# where to buy epoxy????????



## naturalee (Oct 15, 2009)

Can anyone tell me where I can purchase epoxy resin from? I tried homebase but no joy. Also, does anybody know of brands of epoxy that I can look out for (to make it easier to find!!!). Cheers guys.


----------



## stray66uk (Mar 14, 2010)

motor spares shops or failing that a motor trade paint suppliers


----------



## naz_pixie (Oct 6, 2008)

i actualy buy all mine off ebay.. cant remeber which brand i use in the workshop, can check the name for you though.. but deffinatly dont pick the cheapest.. some can be rubbish!


----------



## Pendragon (Dec 8, 2008)

Hi mate,

This is the one I use;










The resin is a 1kg tin, the hardner is 200g, it's about £30. I got mine from a boat yard, but I have seen it on ebay : victory:

Jay


----------



## stray66uk (Mar 14, 2010)

i use epoxy at work , don,t add too much hardener or it gets very hot and smokes. Ive even had it on fire when i was young and stupid cos i got the resin and hardener the wrong way round believe it or not


----------



## naturalee (Oct 15, 2009)

Cheers guys. That's really helpful.

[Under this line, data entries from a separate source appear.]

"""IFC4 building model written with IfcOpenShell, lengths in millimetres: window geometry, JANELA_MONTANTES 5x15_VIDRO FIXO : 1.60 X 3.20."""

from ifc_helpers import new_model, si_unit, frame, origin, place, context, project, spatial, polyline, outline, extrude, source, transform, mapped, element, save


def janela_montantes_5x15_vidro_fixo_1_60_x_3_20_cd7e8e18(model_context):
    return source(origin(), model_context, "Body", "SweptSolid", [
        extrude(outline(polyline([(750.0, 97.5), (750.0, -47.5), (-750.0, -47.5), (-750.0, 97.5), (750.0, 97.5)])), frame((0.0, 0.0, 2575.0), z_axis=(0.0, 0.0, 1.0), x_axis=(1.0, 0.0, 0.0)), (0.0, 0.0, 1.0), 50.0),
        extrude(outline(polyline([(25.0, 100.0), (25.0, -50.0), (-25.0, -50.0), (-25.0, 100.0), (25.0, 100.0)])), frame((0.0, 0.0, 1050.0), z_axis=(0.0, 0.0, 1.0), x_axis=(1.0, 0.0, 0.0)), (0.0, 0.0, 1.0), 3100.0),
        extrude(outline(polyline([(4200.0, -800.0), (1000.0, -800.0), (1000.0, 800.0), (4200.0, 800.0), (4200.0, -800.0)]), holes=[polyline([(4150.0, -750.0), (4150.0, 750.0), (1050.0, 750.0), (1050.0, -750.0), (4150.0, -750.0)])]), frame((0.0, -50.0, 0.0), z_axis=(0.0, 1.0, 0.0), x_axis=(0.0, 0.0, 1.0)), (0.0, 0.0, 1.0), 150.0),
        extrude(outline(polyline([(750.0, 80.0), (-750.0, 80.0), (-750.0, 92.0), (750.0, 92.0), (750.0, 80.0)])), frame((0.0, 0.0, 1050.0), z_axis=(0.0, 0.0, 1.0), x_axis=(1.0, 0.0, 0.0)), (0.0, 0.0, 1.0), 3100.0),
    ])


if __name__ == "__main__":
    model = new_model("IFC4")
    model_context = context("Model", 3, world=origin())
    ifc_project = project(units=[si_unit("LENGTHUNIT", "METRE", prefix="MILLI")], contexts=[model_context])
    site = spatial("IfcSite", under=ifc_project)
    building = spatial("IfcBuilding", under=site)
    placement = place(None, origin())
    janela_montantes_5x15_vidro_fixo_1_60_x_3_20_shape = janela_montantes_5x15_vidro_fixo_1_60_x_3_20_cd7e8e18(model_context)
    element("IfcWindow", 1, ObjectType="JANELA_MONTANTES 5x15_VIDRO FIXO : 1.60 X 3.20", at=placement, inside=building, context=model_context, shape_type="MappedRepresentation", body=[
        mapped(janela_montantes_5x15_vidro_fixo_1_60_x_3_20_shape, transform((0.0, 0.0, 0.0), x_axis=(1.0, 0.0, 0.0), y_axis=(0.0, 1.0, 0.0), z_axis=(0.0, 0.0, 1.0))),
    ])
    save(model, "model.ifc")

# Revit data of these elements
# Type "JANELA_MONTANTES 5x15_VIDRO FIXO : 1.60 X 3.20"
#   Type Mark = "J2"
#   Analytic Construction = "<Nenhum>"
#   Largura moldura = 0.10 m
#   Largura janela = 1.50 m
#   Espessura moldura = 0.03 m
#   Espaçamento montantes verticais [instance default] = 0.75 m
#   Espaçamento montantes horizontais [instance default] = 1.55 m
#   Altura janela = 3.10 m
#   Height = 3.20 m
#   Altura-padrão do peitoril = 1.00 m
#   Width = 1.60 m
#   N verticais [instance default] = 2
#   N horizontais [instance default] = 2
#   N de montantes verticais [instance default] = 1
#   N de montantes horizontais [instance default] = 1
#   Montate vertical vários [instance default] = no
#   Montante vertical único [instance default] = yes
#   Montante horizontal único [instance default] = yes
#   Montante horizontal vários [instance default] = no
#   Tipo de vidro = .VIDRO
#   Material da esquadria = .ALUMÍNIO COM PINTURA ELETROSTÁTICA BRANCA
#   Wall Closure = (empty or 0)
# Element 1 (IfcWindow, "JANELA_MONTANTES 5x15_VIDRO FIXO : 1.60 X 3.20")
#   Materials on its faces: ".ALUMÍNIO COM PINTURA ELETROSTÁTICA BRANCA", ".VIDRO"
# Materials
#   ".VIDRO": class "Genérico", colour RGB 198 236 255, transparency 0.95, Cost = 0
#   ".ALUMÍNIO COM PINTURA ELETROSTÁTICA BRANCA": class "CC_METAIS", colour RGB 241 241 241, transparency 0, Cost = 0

I was going mental trying to find some! 
Is it actually much better than waterproof PVA? As I already have this but wanna do a proper job of it really.


----------



## naturalee (Oct 15, 2009)

Pendragon said:


> Hi mate,
> 
> This is the one I use;
> 
> ...


Loving your vivs btw mate, I was looking at your crestie viv last night. It's exactly what I'm after doing when mine are moved to their permanent one. Awesome!!!


----------



## Pendragon (Dec 8, 2008)

naturalee said:


> Loving your vivs btw mate, I was looking at your crestie viv last night. It's exactly what I'm after doing when mine are moved to their permanent one. Awesome!!!


Cheers mate, hope you find them usefull : victory:

The epoxy will be much stronger than pva : victory:

Jay


----------